▶ _WHAT IS NEEDED_:
Number of lines with "HINGE" in the data: give that figure by itself.

Data items
◇ ◇ ◇ ◇ ◇

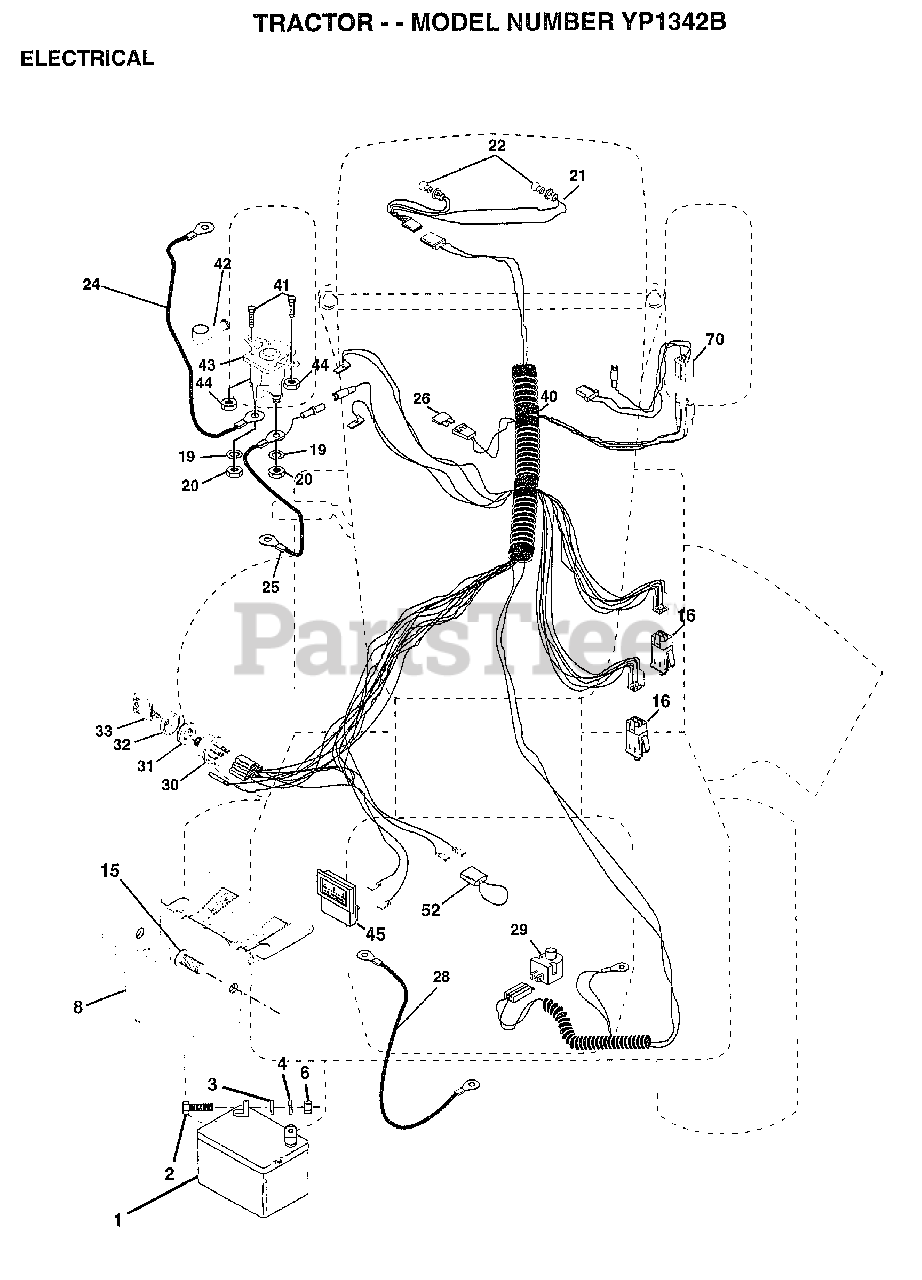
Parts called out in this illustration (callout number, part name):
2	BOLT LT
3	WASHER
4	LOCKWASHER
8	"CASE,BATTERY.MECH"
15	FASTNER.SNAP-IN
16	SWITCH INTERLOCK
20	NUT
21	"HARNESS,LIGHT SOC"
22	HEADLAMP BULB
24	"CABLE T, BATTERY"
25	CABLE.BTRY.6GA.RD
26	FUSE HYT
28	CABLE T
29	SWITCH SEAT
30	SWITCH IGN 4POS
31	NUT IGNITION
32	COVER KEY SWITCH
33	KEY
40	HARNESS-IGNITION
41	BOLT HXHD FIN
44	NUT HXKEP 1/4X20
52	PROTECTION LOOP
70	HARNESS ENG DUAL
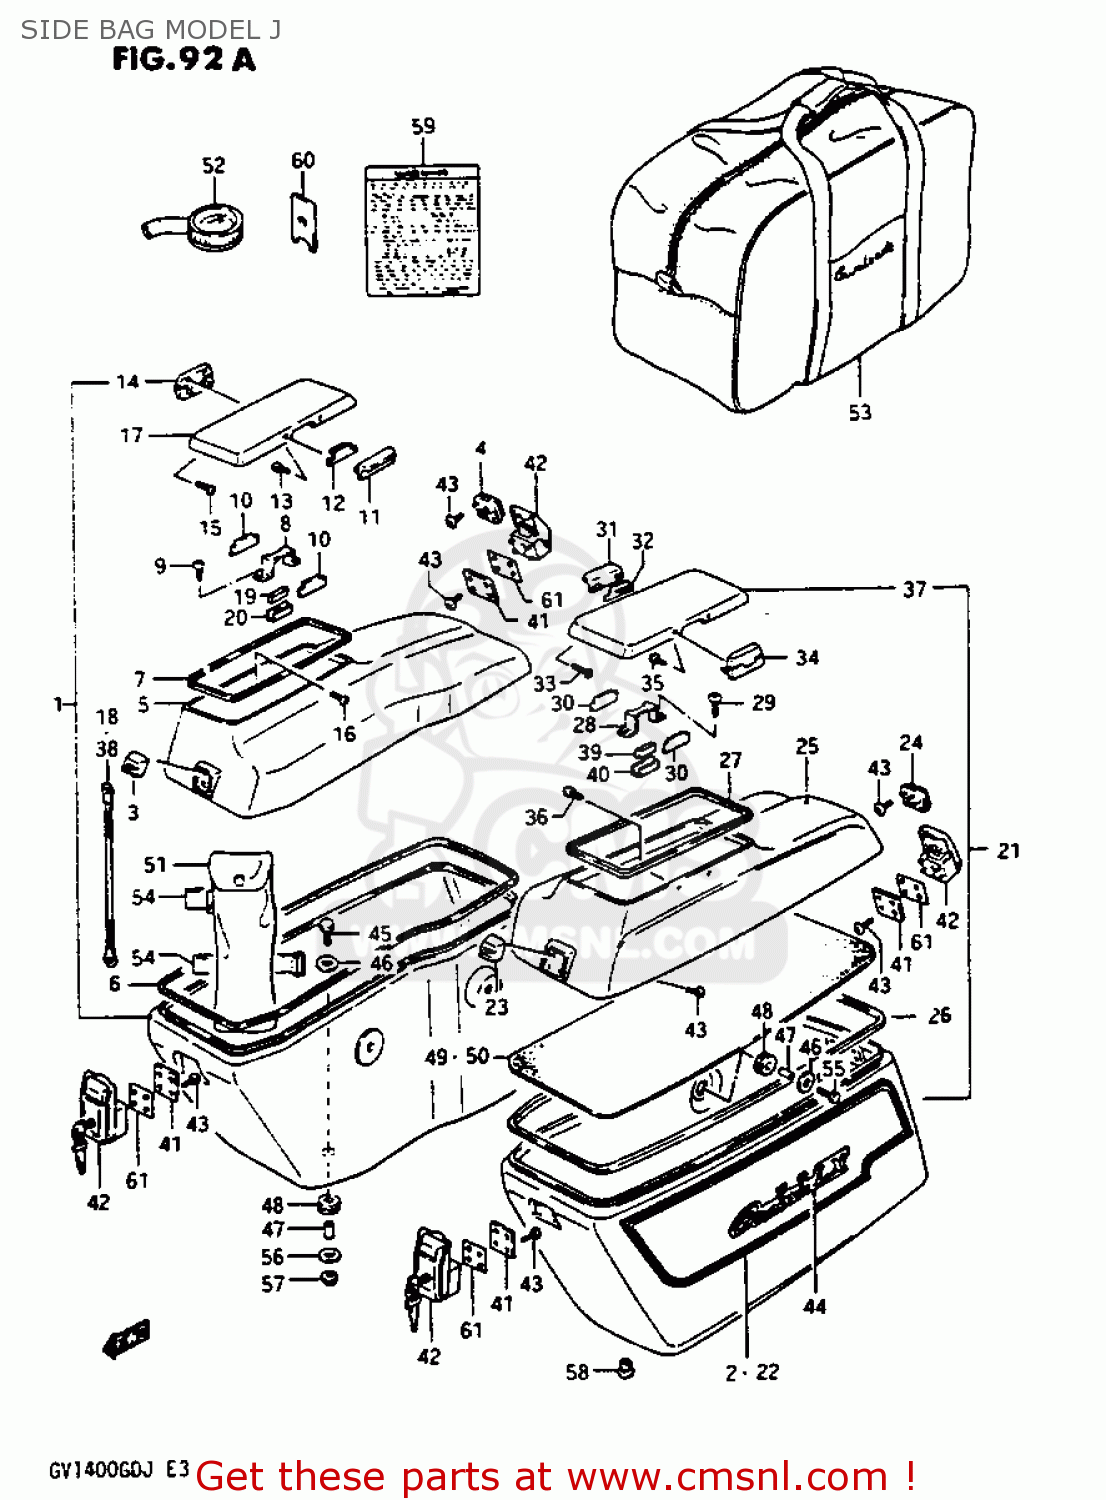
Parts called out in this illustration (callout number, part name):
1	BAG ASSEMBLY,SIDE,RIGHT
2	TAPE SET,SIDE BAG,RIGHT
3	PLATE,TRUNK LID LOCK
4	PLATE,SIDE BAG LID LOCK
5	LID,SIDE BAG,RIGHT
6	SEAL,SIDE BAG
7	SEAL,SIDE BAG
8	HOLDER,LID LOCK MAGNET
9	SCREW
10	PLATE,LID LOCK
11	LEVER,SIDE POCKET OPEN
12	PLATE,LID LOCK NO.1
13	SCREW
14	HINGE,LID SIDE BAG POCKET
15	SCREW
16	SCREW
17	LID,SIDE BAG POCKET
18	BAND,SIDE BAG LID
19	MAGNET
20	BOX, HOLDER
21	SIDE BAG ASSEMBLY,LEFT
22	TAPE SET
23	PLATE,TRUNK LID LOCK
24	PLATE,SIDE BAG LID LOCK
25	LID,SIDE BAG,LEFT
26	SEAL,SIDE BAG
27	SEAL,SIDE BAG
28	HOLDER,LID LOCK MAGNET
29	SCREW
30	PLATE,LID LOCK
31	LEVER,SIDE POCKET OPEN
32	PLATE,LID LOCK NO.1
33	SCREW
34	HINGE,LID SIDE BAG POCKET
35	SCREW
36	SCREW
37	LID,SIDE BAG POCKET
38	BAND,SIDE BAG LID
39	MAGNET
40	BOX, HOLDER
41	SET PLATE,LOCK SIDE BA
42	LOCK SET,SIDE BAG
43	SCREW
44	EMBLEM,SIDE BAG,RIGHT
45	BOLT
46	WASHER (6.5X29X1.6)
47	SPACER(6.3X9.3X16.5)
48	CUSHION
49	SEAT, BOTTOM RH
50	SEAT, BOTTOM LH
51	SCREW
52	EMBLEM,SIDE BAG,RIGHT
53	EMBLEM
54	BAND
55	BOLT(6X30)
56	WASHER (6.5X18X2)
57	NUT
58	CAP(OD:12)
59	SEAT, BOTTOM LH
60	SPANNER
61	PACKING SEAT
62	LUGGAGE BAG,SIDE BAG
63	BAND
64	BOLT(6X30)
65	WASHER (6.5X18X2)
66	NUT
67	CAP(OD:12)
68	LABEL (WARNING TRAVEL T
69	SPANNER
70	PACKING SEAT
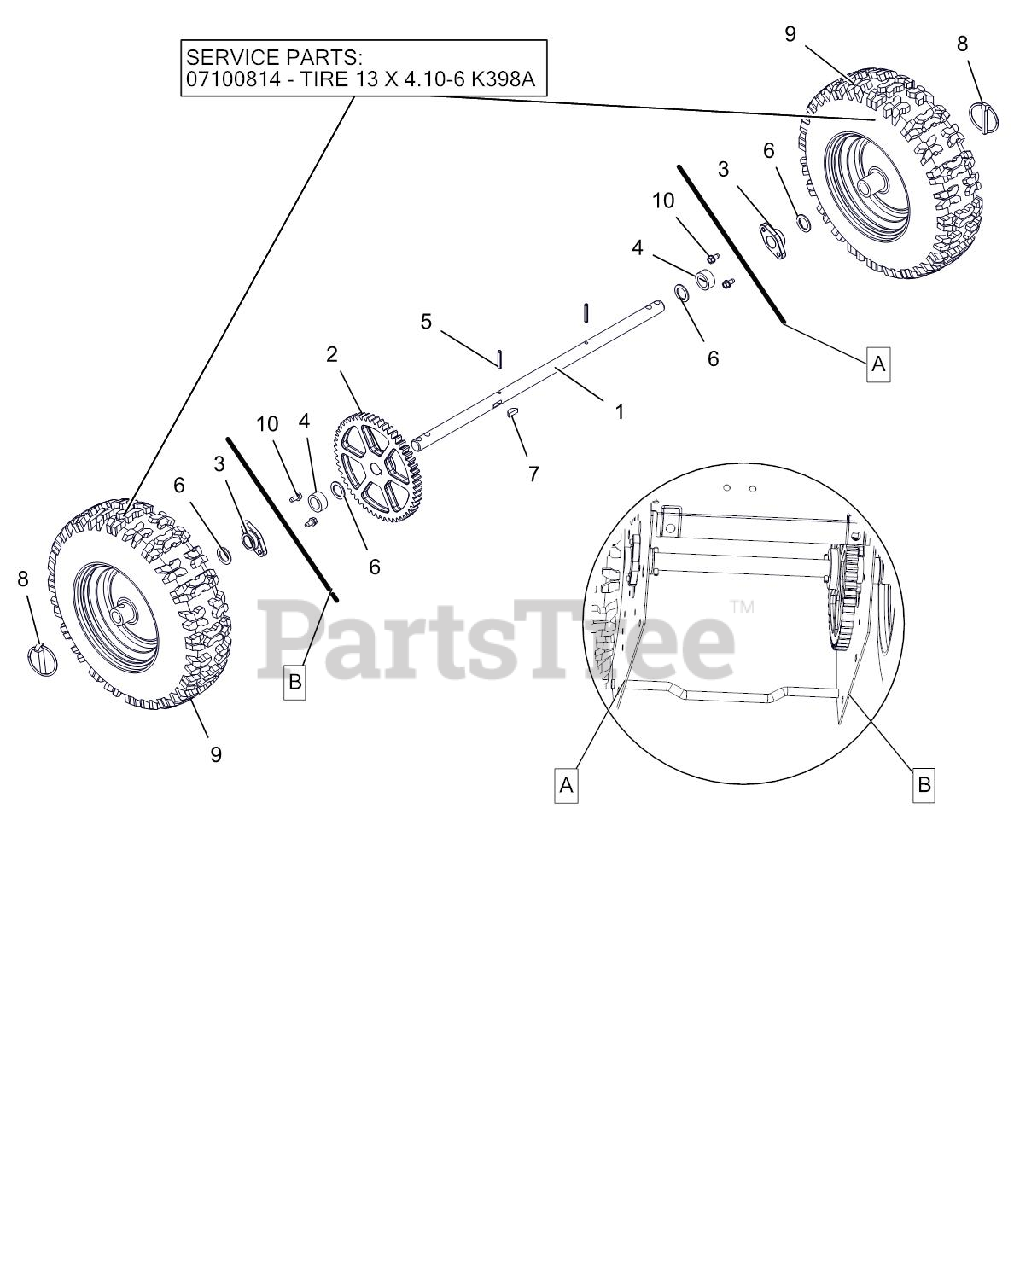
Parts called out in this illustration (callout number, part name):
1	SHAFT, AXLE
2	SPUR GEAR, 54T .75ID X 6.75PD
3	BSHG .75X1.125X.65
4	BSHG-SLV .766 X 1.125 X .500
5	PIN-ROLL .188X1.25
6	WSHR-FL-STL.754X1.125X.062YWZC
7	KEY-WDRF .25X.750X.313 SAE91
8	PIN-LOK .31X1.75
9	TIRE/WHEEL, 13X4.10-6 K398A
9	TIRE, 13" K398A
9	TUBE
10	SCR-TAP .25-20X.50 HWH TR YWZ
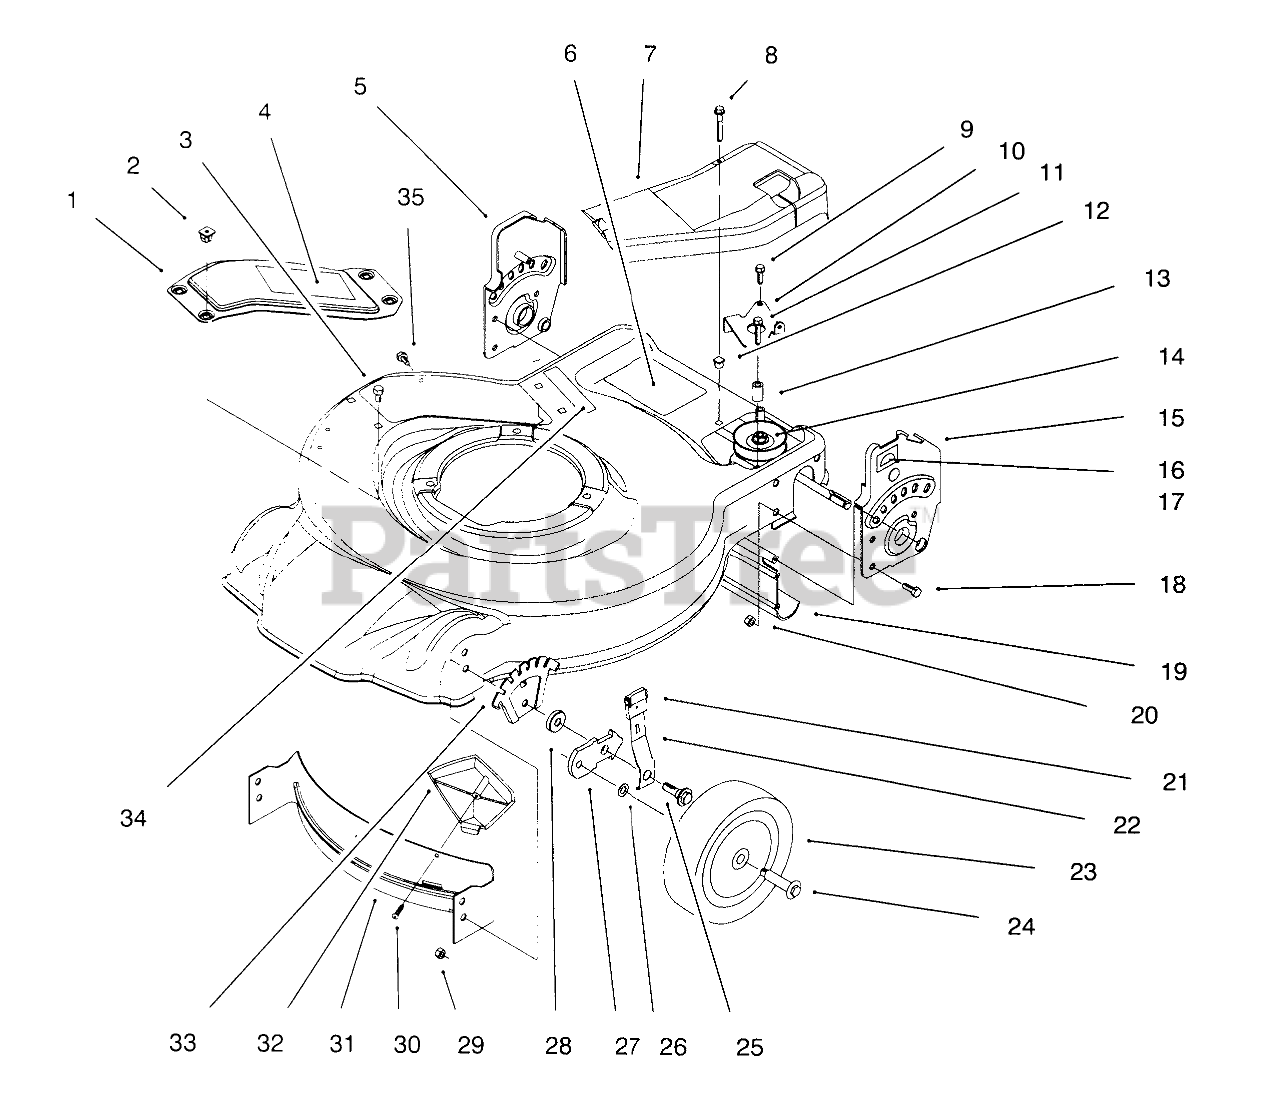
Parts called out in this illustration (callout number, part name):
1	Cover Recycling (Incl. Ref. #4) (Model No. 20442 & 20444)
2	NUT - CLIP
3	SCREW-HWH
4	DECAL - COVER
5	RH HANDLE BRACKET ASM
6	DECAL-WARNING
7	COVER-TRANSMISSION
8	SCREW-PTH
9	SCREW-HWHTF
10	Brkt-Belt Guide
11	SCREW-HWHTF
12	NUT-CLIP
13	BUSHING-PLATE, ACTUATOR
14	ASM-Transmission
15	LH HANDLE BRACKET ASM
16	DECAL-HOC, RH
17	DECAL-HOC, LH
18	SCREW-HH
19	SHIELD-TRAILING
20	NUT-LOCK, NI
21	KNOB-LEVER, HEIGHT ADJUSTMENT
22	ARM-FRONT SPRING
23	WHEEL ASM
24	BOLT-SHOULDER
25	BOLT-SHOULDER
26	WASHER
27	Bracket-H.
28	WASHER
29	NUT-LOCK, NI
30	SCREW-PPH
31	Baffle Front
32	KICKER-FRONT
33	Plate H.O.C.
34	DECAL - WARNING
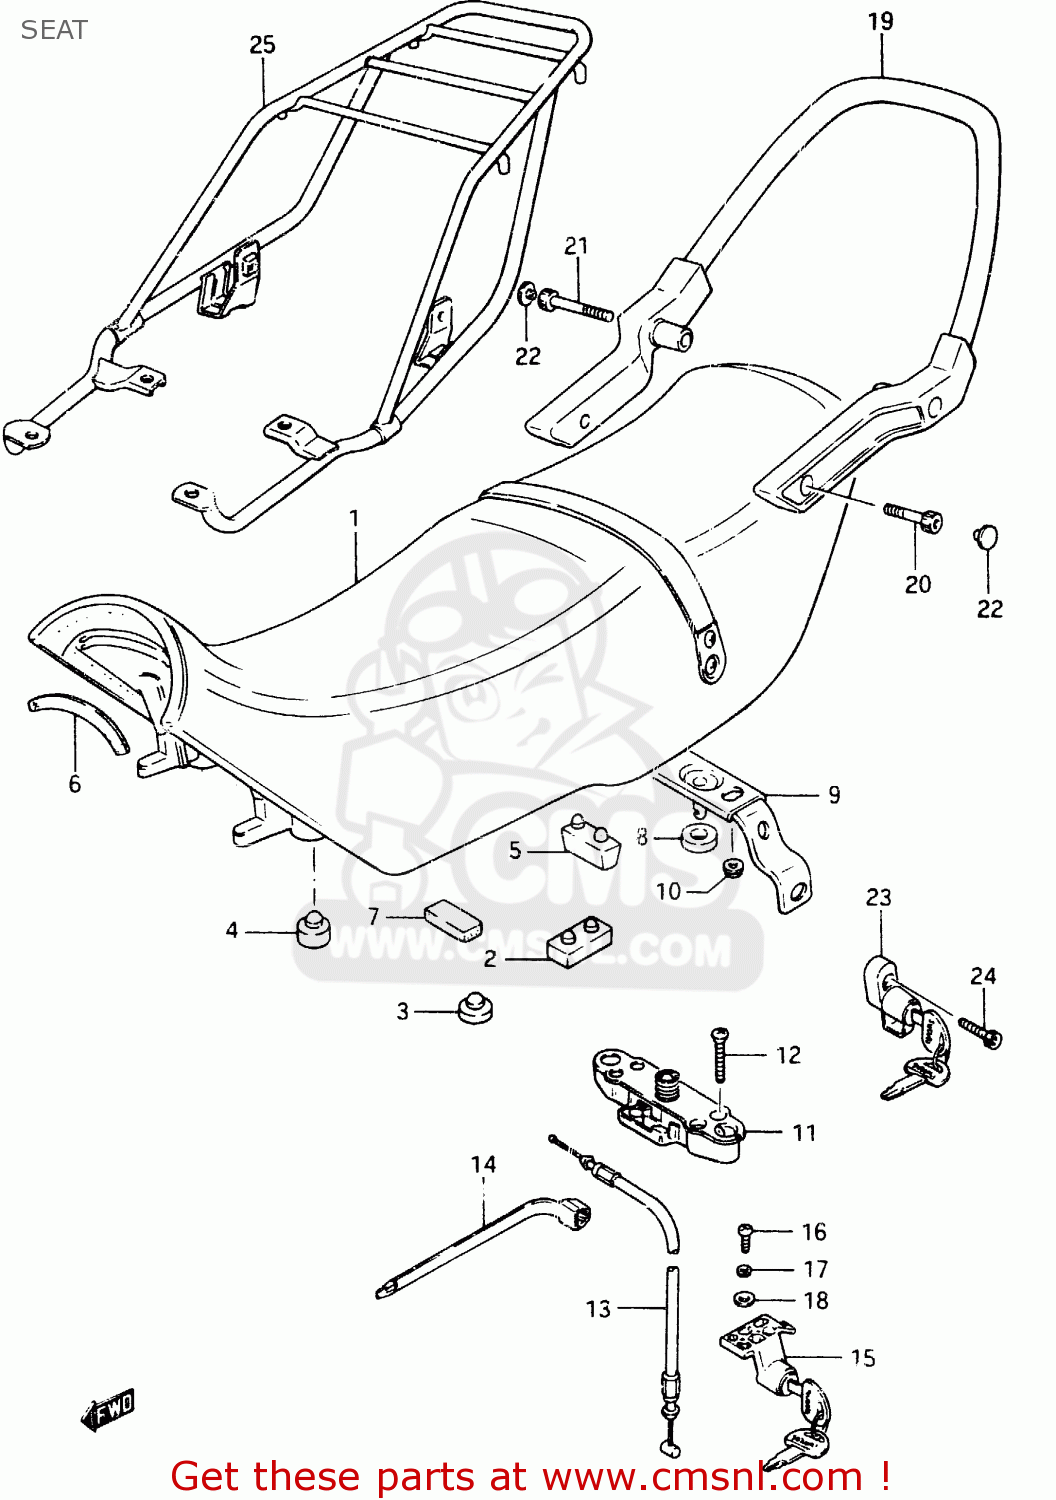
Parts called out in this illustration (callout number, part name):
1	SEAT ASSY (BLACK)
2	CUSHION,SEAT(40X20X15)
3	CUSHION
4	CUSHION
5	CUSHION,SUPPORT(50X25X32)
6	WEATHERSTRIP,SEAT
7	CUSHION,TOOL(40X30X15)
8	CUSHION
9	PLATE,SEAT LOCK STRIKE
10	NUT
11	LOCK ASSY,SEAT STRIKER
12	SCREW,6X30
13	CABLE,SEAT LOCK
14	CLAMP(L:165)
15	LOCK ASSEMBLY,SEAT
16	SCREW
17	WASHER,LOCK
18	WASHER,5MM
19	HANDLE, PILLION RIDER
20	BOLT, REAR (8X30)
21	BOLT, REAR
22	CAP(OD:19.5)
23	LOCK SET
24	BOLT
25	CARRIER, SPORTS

◇ ◇ ◇ ◇ ◇

▶ _SOLUTION BELOW_:
2